### WHAT TO PRODUCE
Work out how many lines in the data below contain the string "origin", and reply with that figure alone.
· · ·
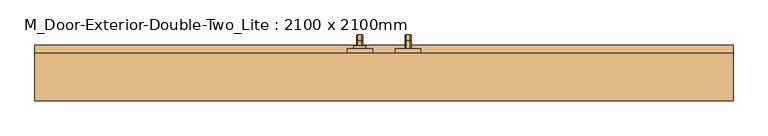
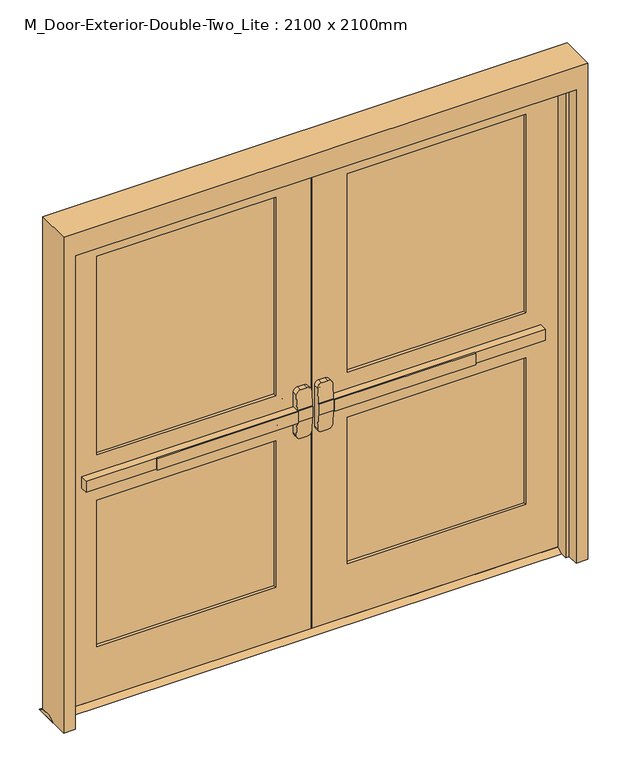
"""IFC4 building model written with IfcOpenShell, lengths in millimetres: door geometry, M_Door-Exterior-Double-Two_Lite : 2100 x 2100mm."""

from ifc_helpers import new_model, si_unit, point, frame, frame_2d, origin, place, context, project, spatial, polyline, circle_curve, ellipse_curve, trimmed, segment, composite_curve, outline, extrude, faceted_brep, source, transform, mapped, element, save
from ifc_brep_helpers import plane_surface, cylinder_surface, revolved_surface, advanced_brep


def m_door_exterior_double_two_lite_2100_x_2100mm_462d4e28(model_context):
    return source(origin(), model_context, "Body", "SolidModel", [
        extrude(outline(polyline([(-667.2, -39.25), (-667.2, -32.9), (-76.2, -32.9), (-76.2, -39.25), (-667.2, -39.25)])), frame((0.0, 0.0, 974.6), z_axis=(0.0, 0.0, 1.0), x_axis=(1.0, 0.0, 0.0)), (0.0, 0.0, 1.0), 50.8),
        advanced_brep(
        [(-12.7, -32.9, 1025.4), (-76.2, -32.9, 1025.4), (-962.7, -32.9, 1025.4), (-962.7, -32.9, 974.6), (-76.2, -32.9, 974.6), (-12.7, -32.9, 974.6), (-962.7, -1.15, 1025.4), (-76.2, -1.15, 1025.4), (-76.2, -1.15, 1088.9), (-57.15, -1.15, 1107.95), (-31.75, -1.15, 1107.95), (-12.7, -1.15, 1088.9), (-12.7, -1.15, 911.1), (-31.75, -1.15, 892.05), (-57.15, -1.15, 892.05), (-76.2, -1.15, 911.1), (-76.2, -1.15, 974.6), (-962.7, -1.15, 974.6), (-12.7, -29.7247533, 1025.4), (-76.2, -29.7247533, 1025.4), (-12.7, -29.7247533, 974.6), (-12.7, -24.7145731, 911.1), (-12.7, -24.7145731, 1088.9), (-76.2, -29.7247533, 974.6), (-76.2, -24.7145731, 1088.9), (-76.2, -24.7145731, 911.1), (-57.15, -23.211519, 1107.95), (-31.75, -23.211519, 1107.95), (-31.75, -23.211519, 892.05), (-57.15, -23.211519, 892.05)],
        [
            (0, 1),
            (1, 2),
            (2, 3),
            (3, 4),
            (4, 5),
            (5, 0),
            (6, 7),
            (7, 8),
            (8, 9, circle_curve(frame((-57.15, -1.15, 1088.9), z_axis=(0.0, 1.0, 0.0), x_axis=(-1.0, 0.0, 0.0)), 19.05)),
            (9, 10),
            (10, 11, circle_curve(frame((-31.75, -1.15, 1088.9), z_axis=(0.0, 1.0, 0.0), x_axis=(-1.0, 0.0, 0.0)), 19.05)),
            (11, 12),
            (12, 13, circle_curve(frame((-31.75, -1.15, 911.1), z_axis=(0.0, 1.0, 0.0), x_axis=(-1.0, 0.0, 0.0)), 19.05)),
            (13, 14),
            (14, 15, circle_curve(frame((-57.15, -1.15, 911.1), z_axis=(0.0, 1.0, 0.0), x_axis=(-1.0, 0.0, 0.0)), 19.05)),
            (15, 16),
            (16, 17),
            (17, 6),
            (0, 18),
            (18, 19),
            (19, 7),
            (6, 2),
            (5, 20),
            (20, 21),
            (21, 12),
            (11, 22),
            (22, 18),
            (16, 23),
            (23, 20),
            (3, 17),
            (19, 24),
            (24, 8),
            (15, 25),
            (25, 23),
            (9, 26),
            (26, 27),
            (27, 10),
            (13, 28),
            (28, 29),
            (29, 14),
            (29, 25, ellipse_curve(frame((-57.15, -24.7145731, 911.1), z_axis=(0.0, 0.9969018152893365, 0.07865602756830282), x_axis=(0.0, -0.07865602756830208, 0.9969018152893365)), 19.1092038, 19.05)),
            (24, 26, ellipse_curve(frame((-57.15, -24.7145731, 1088.9), z_axis=(0.0, 0.9969018152893376, -0.07865602756828934), x_axis=(0.0, -0.078656027568288, -0.9969018152893377)), 19.1092038, 19.05)),
            (27, 22, ellipse_curve(frame((-31.75, -24.7145731, 1088.9), z_axis=(0.0, 0.9969018152893376, -0.07865602756828934), x_axis=(0.0, -0.078656027568288, -0.9969018152893377)), 19.1092038, 19.05)),
            (21, 28, ellipse_curve(frame((-31.75, -24.7145731, 911.1), z_axis=(0.0, 0.9969018152893365, 0.07865602756830282), x_axis=(0.0, -0.07865602756830208, 0.9969018152893365)), 19.1092038, 19.05)),
        ],
        [
            plane_surface(frame((-12.7, -32.9, 1025.4), z_axis=(0.0, -1.0, 0.0), x_axis=(1.0, 0.0, 0.0))),
            plane_surface(frame((-12.7, -1.15, 1025.4), z_axis=(0.0, 1.0, 0.0), x_axis=(-1.0, 0.0, 0.0))),
            plane_surface(frame((-962.7, -32.9, 1025.4), z_axis=(0.0, 0.0, 1.0), x_axis=(0.0, 1.0, 0.0))),
            plane_surface(frame((-12.7, -32.9, 1025.4), z_axis=(1.0, 0.0, 0.0), x_axis=(0.0, 1.0, 0.0))),
            plane_surface(frame((-12.7, -32.9, 974.6), z_axis=(0.0, 0.0, -1.0), x_axis=(0.0, 1.0, 0.0))),
            plane_surface(frame((-962.7, -32.9, 974.6), z_axis=(-1.0, 0.0, 0.0), x_axis=(0.0, 1.0, 0.0))),
            plane_surface(frame((-76.2, -29.7247533, 911.1), z_axis=(-1.0, 0.0, 0.0), x_axis=(0.0, 1.0, 0.0))),
            plane_surface(frame((-57.15, -29.7247533, 1107.95), z_axis=(0.0, 0.0, 1.0), x_axis=(0.0, 1.0, 0.0))),
            plane_surface(frame((-31.75, -29.7247533, 892.05), z_axis=(0.0, 0.0, -1.0), x_axis=(0.0, 1.0, 0.0))),
            cylinder_surface(frame((-57.15, -1.15, 911.1), z_axis=(0.0, -1.0, 0.0), x_axis=(-1.0, 0.0, 0.0)), 19.05),
            cylinder_surface(frame((-57.15, -1.15, 1088.9), z_axis=(0.0, -1.0, 0.0), x_axis=(-1.0, 0.0, 0.0)), 19.05),
            cylinder_surface(frame((-31.75, -1.15, 1088.9), z_axis=(0.0, -1.0, 0.0), x_axis=(-1.0, 0.0, 0.0)), 19.05),
            cylinder_surface(frame((-31.75, -1.15, 911.1), z_axis=(0.0, -1.0, 0.0), x_axis=(-1.0, 0.0, 0.0)), 19.05),
            plane_surface(frame((-76.2, -29.7247533, 1025.4), z_axis=(0.0, -0.9969018152893376, 0.07865602756828934), x_axis=(1.0, 0.0, 0.0))),
            plane_surface(frame((-76.2, -23.211519, 892.05), z_axis=(0.0, -0.9969018152893365, -0.07865602756830282), x_axis=(1.0, 0.0, 0.0))),
        ],
        [
            (0, [[1, 2, 3, 4, 5, 6]]),
            (1, [[7, 8, 9, 10, 11, 12, 13, 14, 15, 16, 17, 18]]),
            (2, [[-2, -1, 19, 20, 21, -7, 22]]),
            (3, [[23, 24, 25, -12, 26, 27, -19, -6]]),
            (4, [[-17, 28, 29, -23, -5, -4, 30]]),
            (5, [[-22, -18, -30, -3]]),
            (6, [[-21, 31, 32, -8]]),
            (6, [[33, 34, -28, -16]]),
            (7, [[35, 36, 37, -10]]),
            (8, [[38, 39, 40, -14]]),
            (9, [[-40, 41, -33, -15]]),
            (10, [[-32, 42, -35, -9]]),
            (11, [[-37, 43, -26, -11]]),
            (12, [[-25, 44, -38, -13]]),
            (13, [[-27, -43, -36, -42, -31, -20]]),
            (14, [[-29, -34, -41, -39, -44, -24]]),
        ],
    ),
        extrude(outline(polyline([(43.85, 15.0), (69.25, 0.0), (-26.55, 0.0), (-1.15, 15.0), (43.85, 15.0)])), frame((-1100.0, 0.0, 0.0), z_axis=(1.0, 0.0, 0.0), x_axis=(0.0, 1.0, 0.0)), (0.0, 0.0, 1.0), 2200.0),
        extrude(outline(polyline([(667.2, -39.25), (76.2, -39.25), (76.2, -32.9), (667.2, -32.9), (667.2, -39.25)])), frame((0.0, 0.0, 974.6), z_axis=(0.0, 0.0, 1.0), x_axis=(1.0, 0.0, 0.0)), (0.0, 0.0, 1.0), 50.8),
        advanced_brep(
        [(12.7, -32.9, 1025.4), (12.7, -32.9, 974.6), (76.2, -32.9, 974.6), (962.7, -32.9, 974.6), (962.7, -32.9, 1025.4), (76.2, -32.9, 1025.4), (962.7, -1.15, 1025.4), (962.7, -1.15, 974.6), (76.2, -1.15, 974.6), (76.2, -1.15, 911.1), (57.15, -1.15, 892.05), (31.75, -1.15, 892.05), (12.7, -1.15, 911.1), (12.7, -1.15, 1088.9), (31.75, -1.15, 1107.95), (57.15, -1.15, 1107.95), (76.2, -1.15, 1088.9), (76.2, -1.15, 1025.4), (76.2, -29.7247533, 1025.4), (12.7, -29.7247533, 1025.4), (12.7, -24.7145731, 1088.9), (12.7, -24.7145731, 911.1), (12.7, -29.7247533, 974.6), (76.2, -29.7247533, 974.6), (76.2, -24.7145731, 911.1), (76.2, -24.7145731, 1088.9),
· · ·
### OUTPUT OF THE EXERCISE
2